# What is this



## sanepilot (Mar 11, 2012)

Hi,all..Has anyone ever seen something like this. If so ,what is it and what is the value????
The man I got it off of,said he`d had it for 50 yrs.Some kinda iron. I`ve seen sad irons but nothing like this.

Has a pic. of a horse or dog plus the W.


View attachment 28343


View attachment 28344


----------



## Dano (Aug 26, 2012)

It is an antique steam iron.


----------



## gunrunnerjohn (Nov 10, 2010)

A fancy waffle iron?


----------



## Big Ed (Jun 16, 2009)

It could be an old gasoline iron?

I found this,









copy and paste,

It was marked as a "steam" iron, which is a common mistake. It's actually a Comfort brand gasoline fueled iron. The tank on the back held fuel, and was pressurized with a hand pump like an old coleman stove. The burner inside would have been lit with a match, and the burning fuel would have heated the iron. Seems archaic to modern iron users, but it was a big improvement over sad irons. Sad irons were basically big hunks of metal that you had to heat and reheat over a kitchen stove or sad iron heater in order to iron your clothing. With a gas iron, you just lit the thing and ironed - no more reheating.


----------



## Dano (Aug 26, 2012)

Gasoline? I am thinking lamp gas, coal oil, white gas or some such. You have to love the rack, they don't make stuff like that any more.


----------



## gunrunnerjohn (Nov 10, 2010)

What's this thing, that's not any kind of iron I'm familiar with?


----------



## Big Ed (Jun 16, 2009)

That heated up the iron and transferred the heat.
He is missing or not showing what would have been a smooth bottom piece that went over that.

I think Gasoline was just that brand name they sold them as, Dano is probably right about the type of fuel used.
I doubt if they used gasoline.


----------



## gunrunnerjohn (Nov 10, 2010)

I'll just plug the iron in and set the temperature dial, thanks!


----------



## wingnut163 (Jan 3, 2013)

white gas is just gasoline. its amico gas. back in the day the cloman lanterns said to use white gas, its now unleaded gas.

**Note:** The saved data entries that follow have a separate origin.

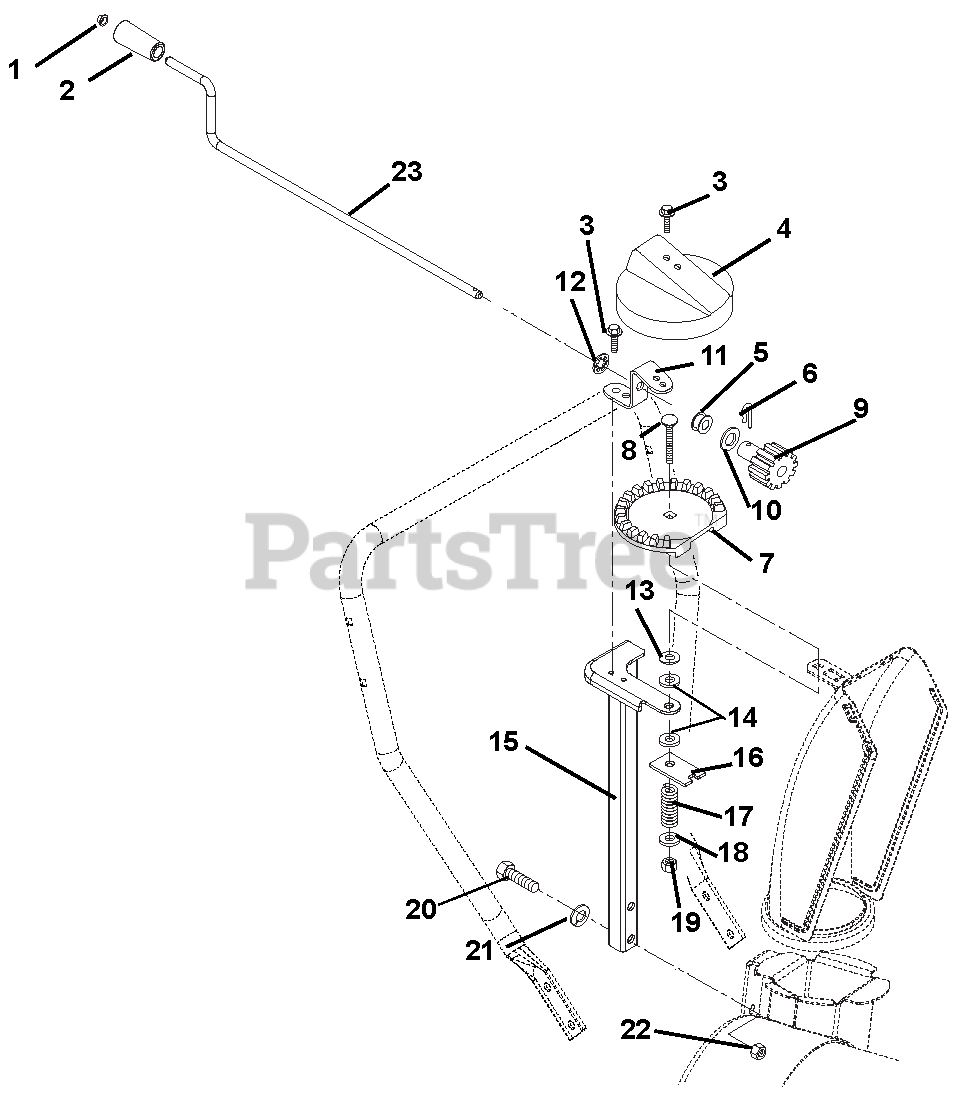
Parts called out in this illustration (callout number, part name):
1	CAP, 3/8 ROD YWZC
2	KNOB, CHUTE CRANK
3	SCR-TAP .25-20X.50 HWH TR YWZ
4	GEAR COVER
5	BUSHING, POLYLINER-.63 SNAPIN
6	PIN, SPRING CLIP
7	CHUTE GEAR
8	@BLT-RDHDSQNK .38-16X2.50 G5YZ
9	PINION GEAR W/BRACKET
10	WSHR-THRST .625 X 1.0 X .03
11	BRACKET, PINION GEAR
12	PUSHNUT .625
13	WSHR-FL-STL .380X1.50X.062 YWZ
14	FRICTION WASHER
15	CHUTE PEDESTAL, TALL COMPACT
16	PLATE, FRICTION
17	SG-COMP .187X.56X1.62
18	@WSHR-FL-STL.406X.812X.065 YWZ
19	@NUT-LK-CTR .38-16 YWZC
20	@BLT-HEX .38-16X1.75 GR5 YWZC
21	@WSHR-LK .38X.094 REG YWZC
22	@NUT-LK-TOP-FLG .38-16 YWZC
23	CHUTE CRANK,COMPACT 920,XXX HI

and that second piece is its stand. it did take the place of the old stove iron that you needed to keep on a stove (or some other heating method.)


----------



## Big Ed (Jun 16, 2009)

wingnut163 said:


> and that second piece is its stand. it did take the place of the old stove iron that you needed to keep on a stove (or some other heating method.)

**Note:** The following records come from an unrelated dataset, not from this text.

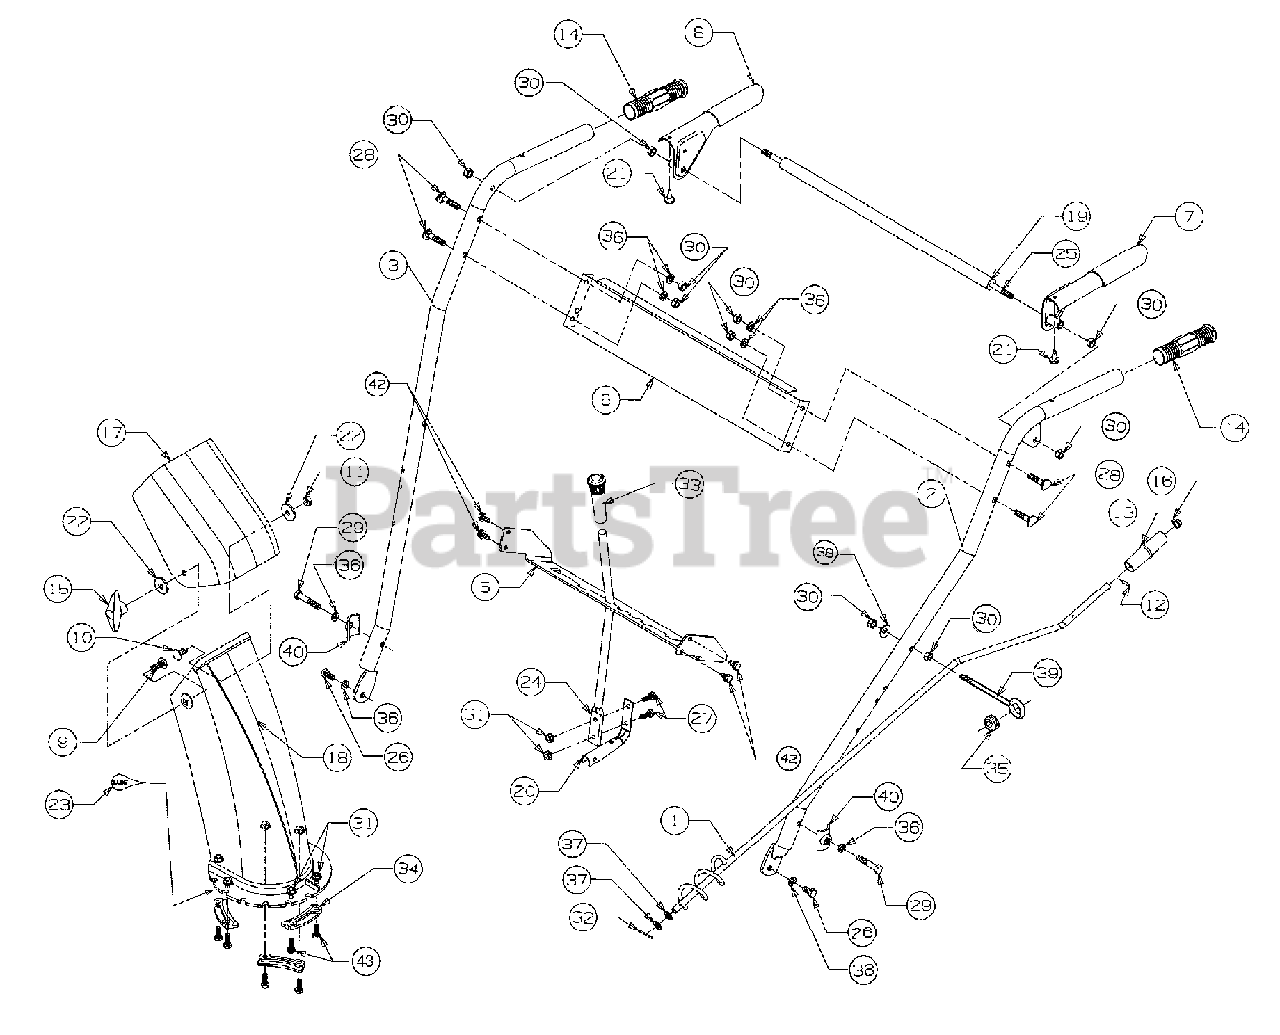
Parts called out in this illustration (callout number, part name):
1	Crank-Chute
8	Lever-Clutch-R.H.
9	Screw-Carriage
10	Screw-Carriage
11	Nut-Lock
12	Pin-Roll
13	Knob-Chute Crank
14	Grip - 5" Lg.
16	Cap-Push
17	Chute-Upper
18	Chute-Lower
19	Tube-Pivot Rod Cover
20	Spring-Shift Lever
21	Bumper
22	Washer
25	Rod-Pivot
26	Screw
27	Screw
28	Screw
29	Screw
30	Nut-Hex
31	Nut-Hex Flange
32	Pin-Cotter
33	Grip-Shift Lever
34	Keeper-Chute
35	Grommet
36	Washer-Lock
37	Washer-Flat
38	Washer-Bell
39	Eyebolt
40	Tab-Handle
42	Screw
43	Screw

That would make sense a siting/resting stand.
I thought maybe that is what heated up to iron with and there was a smoother plate over it.

The few photos I could find all didn't have a bottom picture, one showed what the bottom of the iron looked like.

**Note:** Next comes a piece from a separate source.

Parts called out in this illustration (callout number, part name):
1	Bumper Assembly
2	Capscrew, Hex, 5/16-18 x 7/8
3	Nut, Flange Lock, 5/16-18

John when I need something ironed I just plug in the old (young) lady.


----------



## Dano (Aug 26, 2012)

My missus ironed a uniform shirt for me once forty-five years ago and I have been ironing them ever since!(may have been a clever ploy on her part!) I am in the middle of polishing her boots because I can't stand the thought of her going on the job with scuffy boots. My grandmother, in fact both of them, used heavy flat irons that were left on the wood stove all the time.


----------



## sanepilot (Mar 11, 2012)

*Iron*

Thanks,people..All I could find out was,it is a kerosene or gas iron.I can`t imagine using gasoline in something like that. Gasoline won`t explode in liquid form but only in a vapor.It will make a good door stop or boat anchor. I picked it up at a local flea mkt. I`ll put it up for sale next weekend at the mkt.

I made out like a bandit yesterday at the flea mkt.Thanks to whoever put my photos on the thread.I`m still trying to master the computers,I guess. I`ve had a lot of things I didn`t know or have seen.I got a set of four tools I`ve had for quite a few years. I can`t find out what they`re use was. I`ve used one to bend wire Z bends for my airplanes. I`ll post them when I find time..


New week starting,everyone [I hope]has a good one..tnx,Everett:smilie_daumenpos:


----------



## tjcruiser (Jan 10, 2010)

They made 'em run off of gasoline so the Misses could drive to the market and get the ironing done at the same time. 

(dohh!!!)


----------



## wingnut163 (Jan 3, 2013)

sanepilot said:


> Thanks,people..All I could find out was,it is a kerosene or gas iron.I can`t imagine using gasoline in something like that. Gasoline won`t explode in liquid form but only in a vapor.It will make a good door stop or boat anchor. I picked it up at a local flea mkt. I`ll put it up for sale next weekend at the mkt.
> 
> I made out like a bandit yesterday at the flea mkt.Thanks to whoever put my photos on the thread.I`m still trying to master the computers,I guess. I`ve had a lot of things I didn`t know or have seen.I got a set of four tools I`ve had for quite a few years. I can`t find out what they`re use was. I`ve used one to bend wire Z bends for my airplanes. I`ll post them when I find time..
> 
> ...



gasoline is what fires the Coleman lanterns. they DO NOT blow up, if they did i would be dead 100 times all ready.


----------



## sanepilot (Mar 11, 2012)

*store*

Hi,T,I`m glad you said that. I`m sure my missus gets tired walkin to the store. I can`t understand why tho,it is only 12 miles.

luv it,sanepilot


----------



## Pfunmo (Feb 21, 2013)

While it is likely to be called a gas iron, I would guess that the fuel was more likely to be kerosene as it was more available, cheaper and somewhat safer. Kerosene stoves often got called gas stoves. Whether they were a big improvement depended on outlook and situation. For those living in bigger buildings that had central steam heat they were a big step up as they did heat themself. But for others like my mother, she would never touch one. Remember when stoves blowing up were pretty much common? If you got too fast with one of these, the fuel had ways of getting out and all over the place. Instant disaster! 
My folks lived in a house and almost always had a fire in the cook stove so their solution was to have a couple irons, one to use while the other heated. They did not spill fuel and burn the house down! We never had a kerosene stove for the same reason. 
Consider the pumping so the fuel was forced out to the burner and that there was not a very precise way to control it and you can see that there was often a bit too much fuel around the burner. The flat decorative plate functioned to hold the iron horizontal but up off the surface while it continued to burn. New irons can be tilted up off the surface but these were NOT something you wanted to tilt while they were full of fuel and burning.

Now does anybody REALLY want to go back to the "good ol' days"??


----------



## cv_acr (Oct 28, 2011)

The cast stand is properly called a "trivet" BTW.


----------